[What you should do] What you return should match every record exactly, with the images removed.

Start of Block

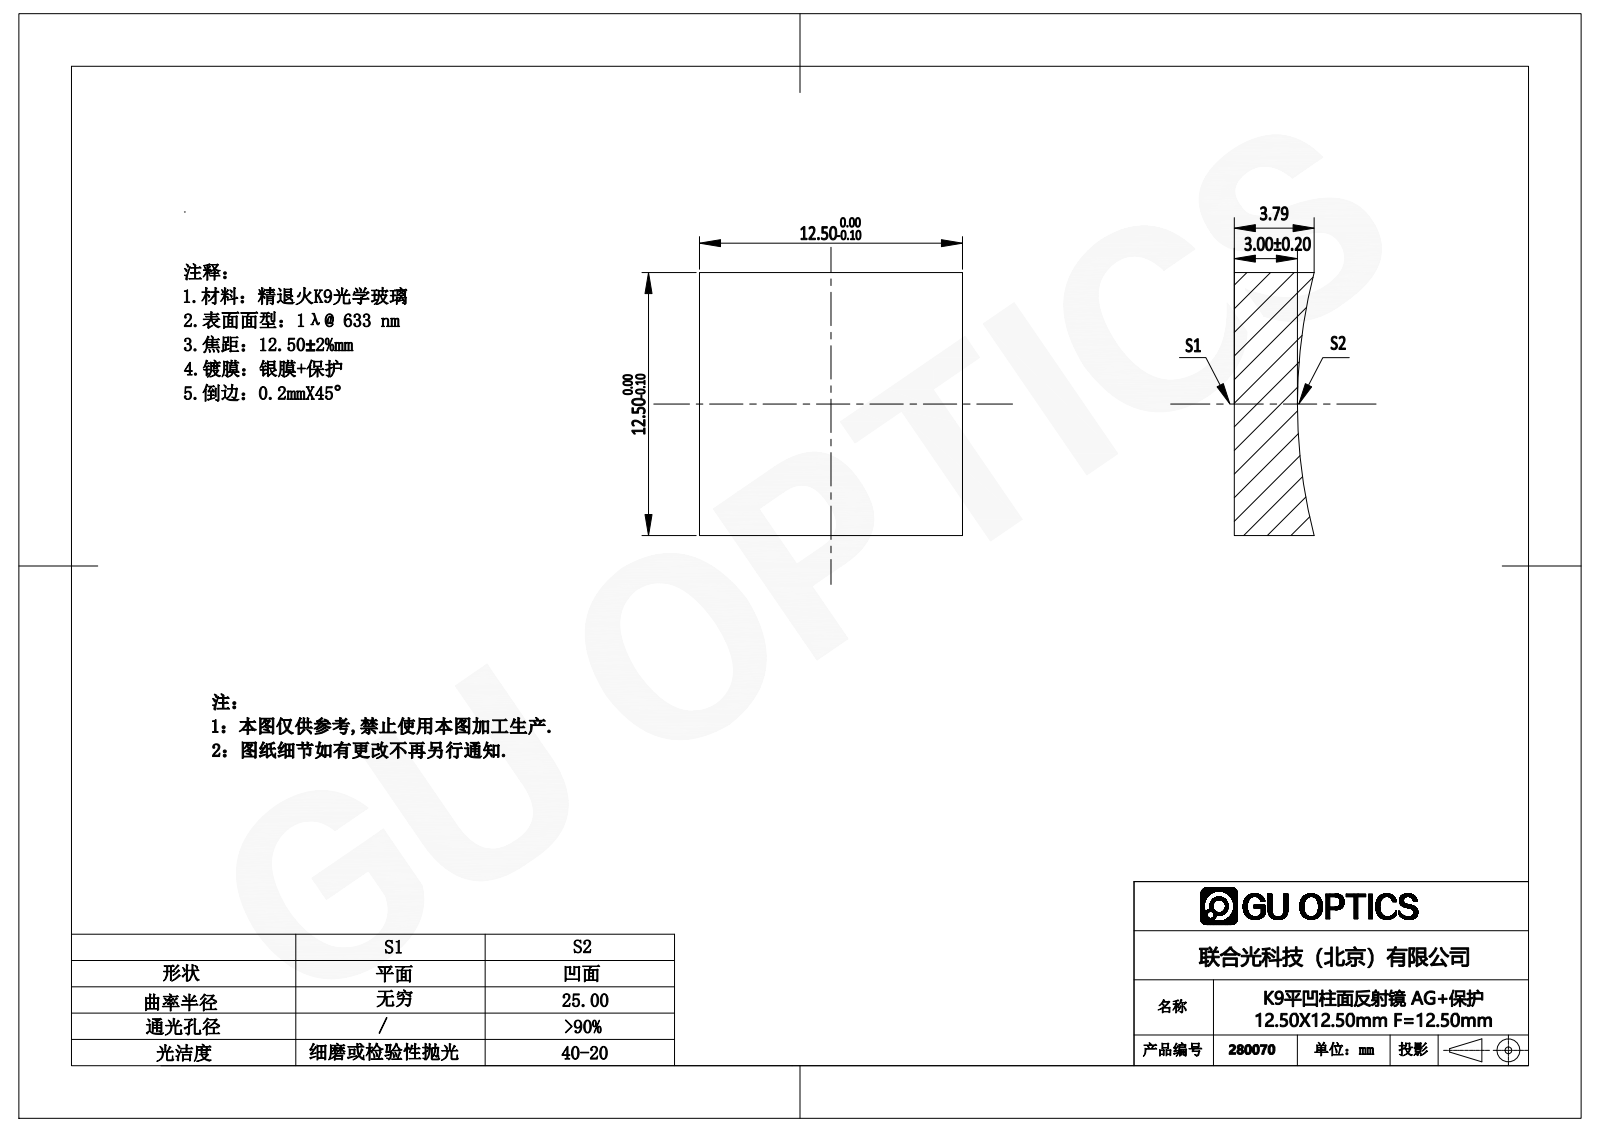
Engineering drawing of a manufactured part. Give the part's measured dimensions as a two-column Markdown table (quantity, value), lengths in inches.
| quantity | value |
| --- | --- |
| part name | 280004 |
| STEP written by | SolidWorks 2016 (AUTOMOTIVE_DESIGN) |
| units | inches |
| bodies | 1 solid, 7 faces (5 planar, 2 cylindrical, 0 other) |
| overall size | 0.492 × 0.492 × 0.149 |
| volume | 0.031 in³ |
| surface area | 0.761 in² |
| partial cylindrical surfaces (radius × count) | 0.984 × 1 |
| main face-to-face distances | 0.492 |
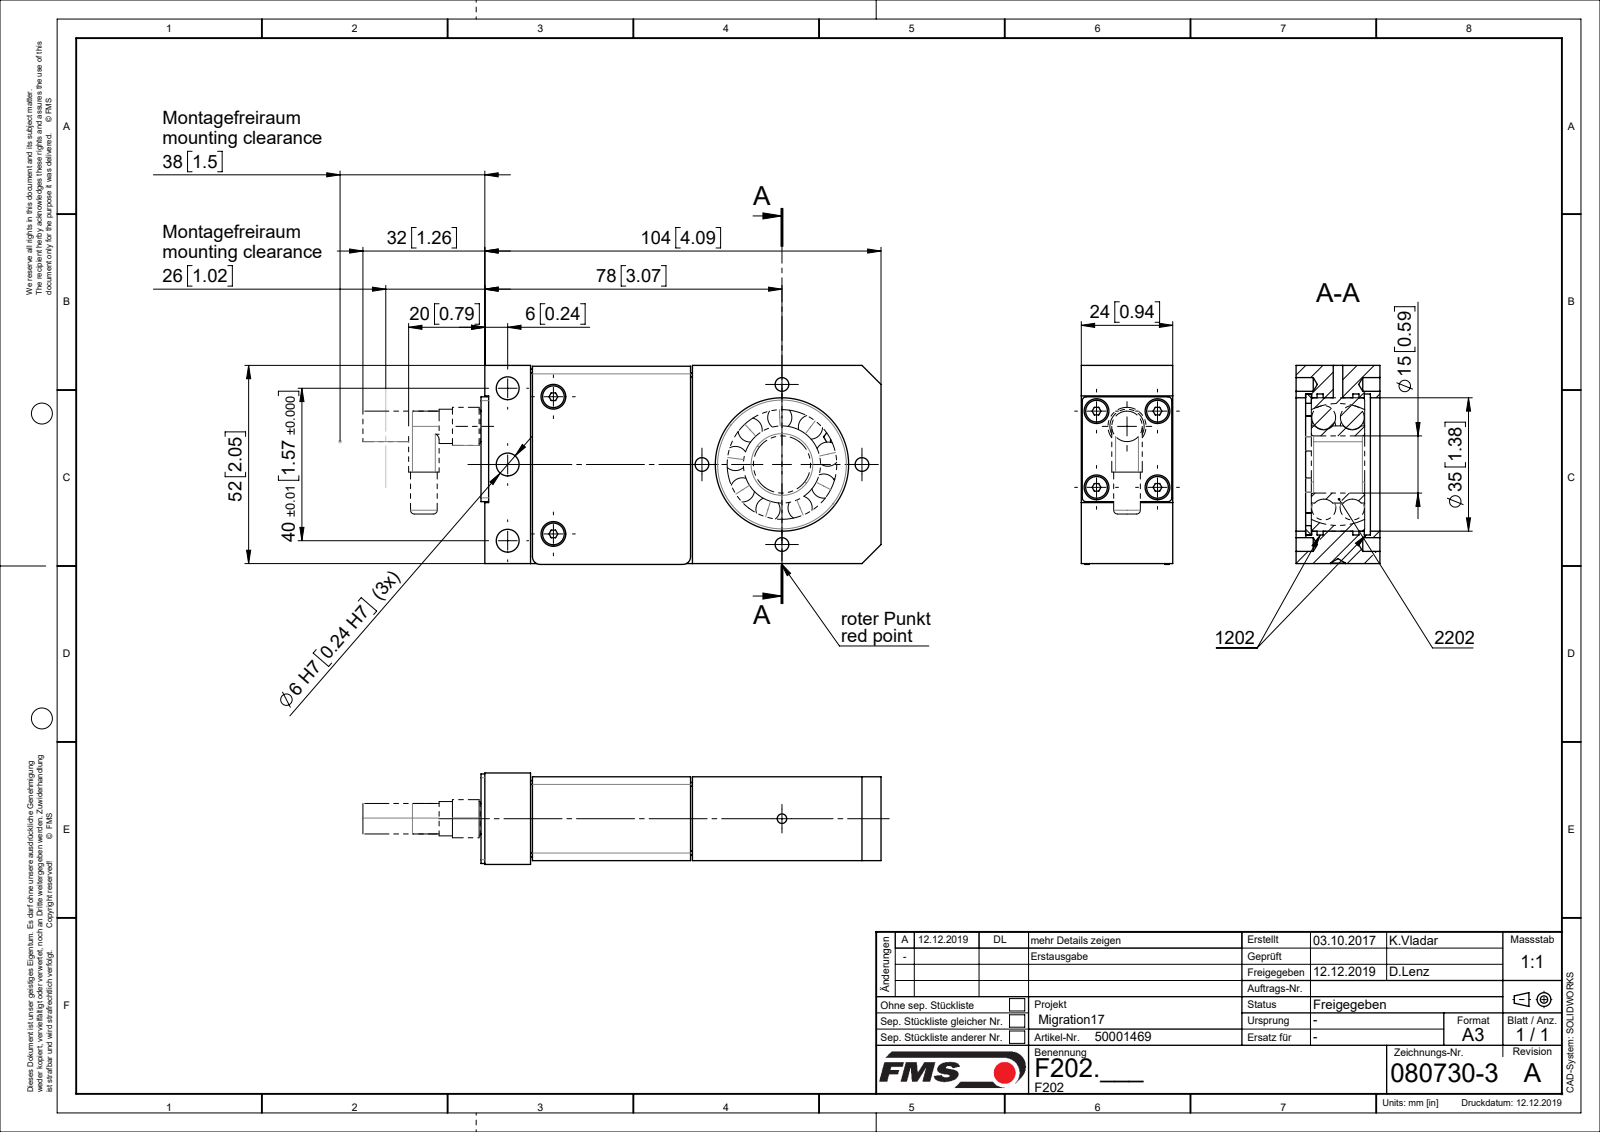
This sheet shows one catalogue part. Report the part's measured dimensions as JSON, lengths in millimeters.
{"part_name": "F0807303C; F0807304; F0807305; SENKSCHRAUBE_I-6KT_M3X6 (+6 more)", "step_written_by": "Mechanical Desktop 2009 (CONFIG_CONTROL_DESIGN)", "units": "millimeters", "bodies": {"solids": 15, "faces": 467, "planar": 180, "cylindrical": 170, "other": 117}, "overall_size": [123, 52, 24], "volume_mm3": 80558, "surface_area_mm2": 39969, "round_holes": [[2.6, 7], [1, 4], [3.2, 4], [3.6, 4], [6, 4], [4, 1], [6.5, 1], [7, 1], [10, 1], [12, 1], [35, 1], [37, 1]], "round_bosses_or_shafts": [[6, 7], [3, 6], [1, 4], [9, 1], [8, 1], [7.6, 1], [7, 1], [4, 1]], "partial_cylinders_radius": [[2, 10], [1, 6], [5, 4], [4.1, 1]], "face_to_face_distances": [1, 21, 22, 20, 1.5, 19.5, 0.5, 20.5, 52, 2], "hole_center_spacings": [2.24, 20, 21, 29.7, 2, 10, 3.61, 7.21]}

End of Block

[Answer to this exercise]
Engineering drawing of a manufactured part. Give the part's measured dimensions as a two-column Markdown table (quantity, value), lengths in inches.
| quantity | value |
| --- | --- |
| part name | 280004 |
| STEP written by | SolidWorks 2016 (AUTOMOTIVE_DESIGN) |
| units | inches |
| bodies | 1 solid, 7 faces (5 planar, 2 cylindrical, 0 other) |
| overall size | 0.492 × 0.492 × 0.149 |
| volume | 0.031 in³ |
| surface area | 0.761 in² |
| partial cylindrical surfaces (radius × count) | 0.984 × 1 |
| main face-to-face distances | 0.492 |
This sheet shows one catalogue part. Report the part's measured dimensions as JSON, lengths in millimeters.
{"part_name": "F0807303C; F0807304; F0807305; SENKSCHRAUBE_I-6KT_M3X6 (+6 more)", "step_written_by": "Mechanical Desktop 2009 (CONFIG_CONTROL_DESIGN)", "units": "millimeters", "bodies": {"solids": 15, "faces": 467, "planar": 180, "cylindrical": 170, "other": 117}, "overall_size": [123, 52, 24], "volume_mm3": 80558, "surface_area_mm2": 39969, "round_holes": [[2.6, 7], [1, 4], [3.2, 4], [3.6, 4], [6, 4], [4, 1], [6.5, 1], [7, 1], [10, 1], [12, 1], [35, 1], [37, 1]], "round_bosses_or_shafts": [[6, 7], [3, 6], [1, 4], [9, 1], [8, 1], [7.6, 1], [7, 1], [4, 1]], "partial_cylinders_radius": [[2, 10], [1, 6], [5, 4], [4.1, 1]], "face_to_face_distances": [1, 21, 22, 20, 1.5, 19.5, 0.5, 20.5, 52, 2], "hole_center_spacings": [2.24, 20, 21, 29.7, 2, 10, 3.61, 7.21]}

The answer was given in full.